Grâce à ce traité, Mazarin n’avait plus en face de lui que l’Espagne, et il comptait l’amener bientôt à l’échange qui seul pouvait donner à la France du côté du nord une frontière semblable à celle qu’elle venait d’acquérir au midi de l’Allemagne. Il rêvait, au bout de quelques campagnes heureuses, un traité plus favorable encore que celui des Pyrénées en 1660. Il avait dans sa main le vainqueur de Lens, qu’il pouvait lancer sur les Pays-Bas ; il pouvait porter en Espagne et en Italie des généraux encore supérieurs à d’Harcourt et à Schomberg ; il comptait soutenir ou ranimer l’insurrection de Naples : un magnifique avenir était devant la France. Qui lui a enlevé cet avenir ? qui a divisé et épuisé ses forces ? qui lui a fait verser de ses propres mains ; son meilleur sang ? qui a mis aux prises les uns contre les autres ses plus illustres capitaines ? qui a arrêté Condé dans sa course à vingt-sept ans, lorsqu’il pouvait ajouter tant de nouvelles victoires à toutes celles de sa jeunesse, et porter le drapeau français à Bruxelles ou à Madrid ?

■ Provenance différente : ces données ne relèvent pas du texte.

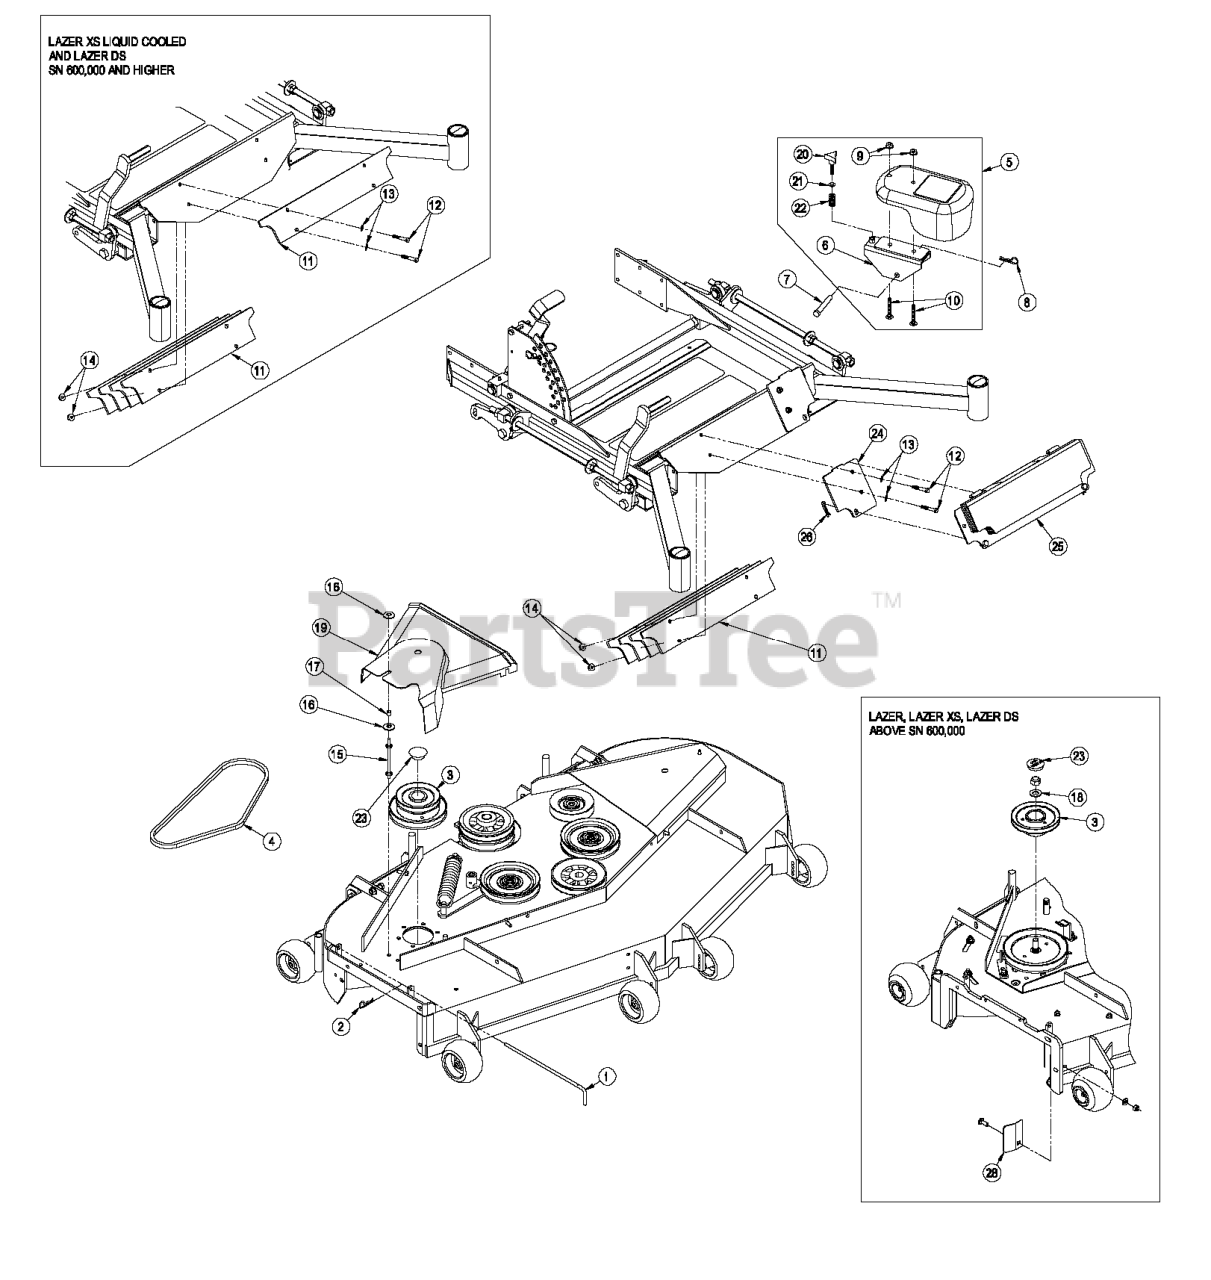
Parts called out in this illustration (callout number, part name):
1	Pin, Chute Pivot
2	Hairpin, Cotter
6	Wld, Weight Bracket 2.0
7	Pin, Clevis
8	Hairpin, Cotter
9	Nut, Whizlock 3/8-16
10	Screw, Sq Head 3/8-16 x 2 1/2
11	Plate, Weight
12	Screw, HH 5/16 -18 x 1 3/4
13	Washer, 5/16 SAE
14	Nut, Whizlock 5/16-18
15	Stud, Belt Shield
24	Plate, Weight Mounting
25	Asm, Weight Plate W/Decals
26	Hairpin, Cotter
27	Template, Drill
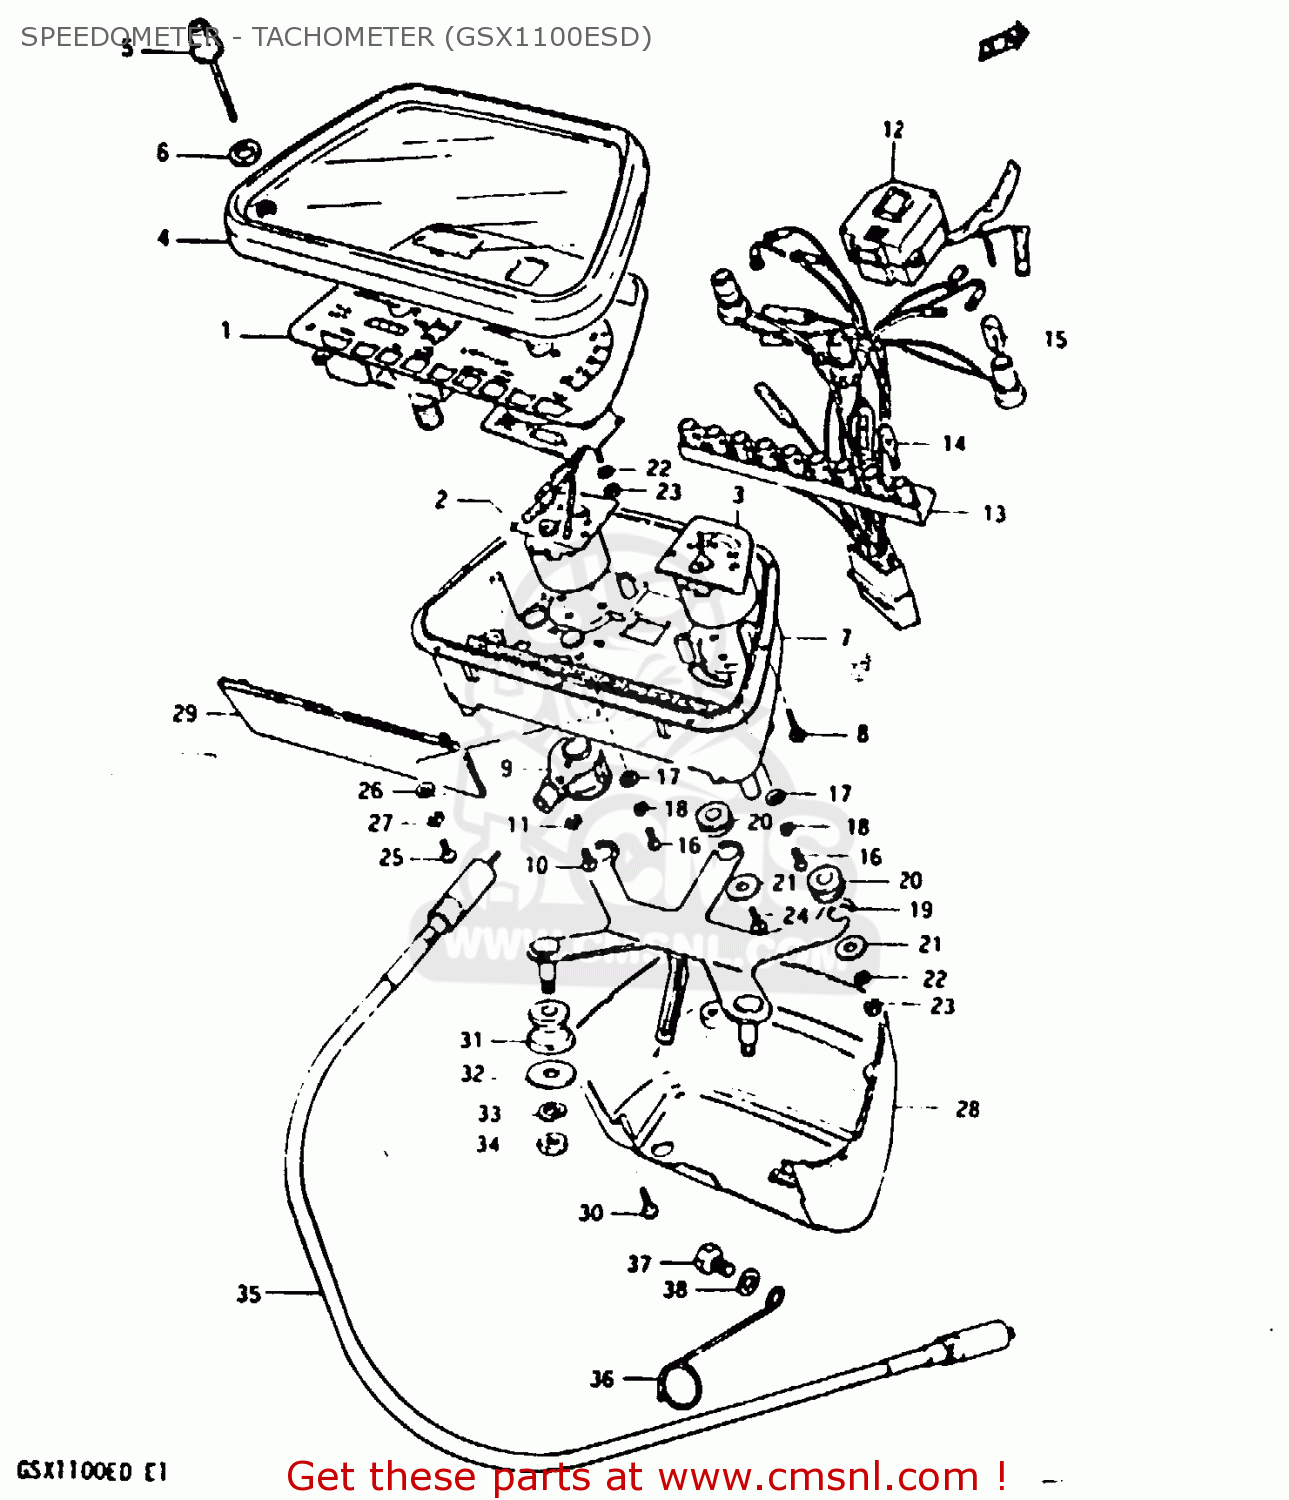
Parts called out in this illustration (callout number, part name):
1	SPEEDO & TACHOMETER (MILE/KILO)
2	METER,FUEL
3	METER,OIL TEMPERATURE
4	HOOD,METER
5	KNOB,TRIP METER
6	SEAL,TRIP KNOB
7	CASE,METER,INNER
8	SCREW
9	GEAR BOX,SPEEDOMETER
10	SCREW 4X10
11	LOCK WASHER
12	INDICATOR ASSEMBLY,GEAR POSITION
13	SOCKET UNIT,METER
14	BULB(12V3W,WB371,T7)
15	BULB(12V3.4W,T10,BF175-01450A)
16	SCREW 3X12
17	WASHER
18	LOCK WASHER
19	BRACKET,METER
20	CUSHION
21	WASHER,COMBINATION METER
22	WASHER
23	NUT 4MM
24	SCREW
25	SCREW
26	WASHER
27	LOCK WASHER
28	COVER,METER LWR
29	PLATE,COVER
30	SCREW
31	CUSHION,METER BRACKET
32	WASHER (8.5X20X1.6)
33	LOCK WASHER
34	NUT
35	CABLE ASSEMBLY,SPEEDOMETER
36	CLAMP,SPEEDOMETER CABLE
37	BOLT, UPPER
38	WASHER

C’est la Fronde qui a commis l’inexpiable crime d’avoir suspendu l’élan de Condé et de la grandeur française. Dm moins en retour a-t-elle agrandi et développé nos vieilles franchises nationales ? Loin de là : par une réaction inévitable, elle a dégoûté pour long-temps la France d’une liberté anarchique, incompatible avec l’ordre public, avec la force du gouvernement et de la nation ; elle a ôté à la royauté toute espèce de contre-poids ; elle a enfanté le despotisme d’abord intelligent et utile, puis imprévoyant et funeste de Louis XIV.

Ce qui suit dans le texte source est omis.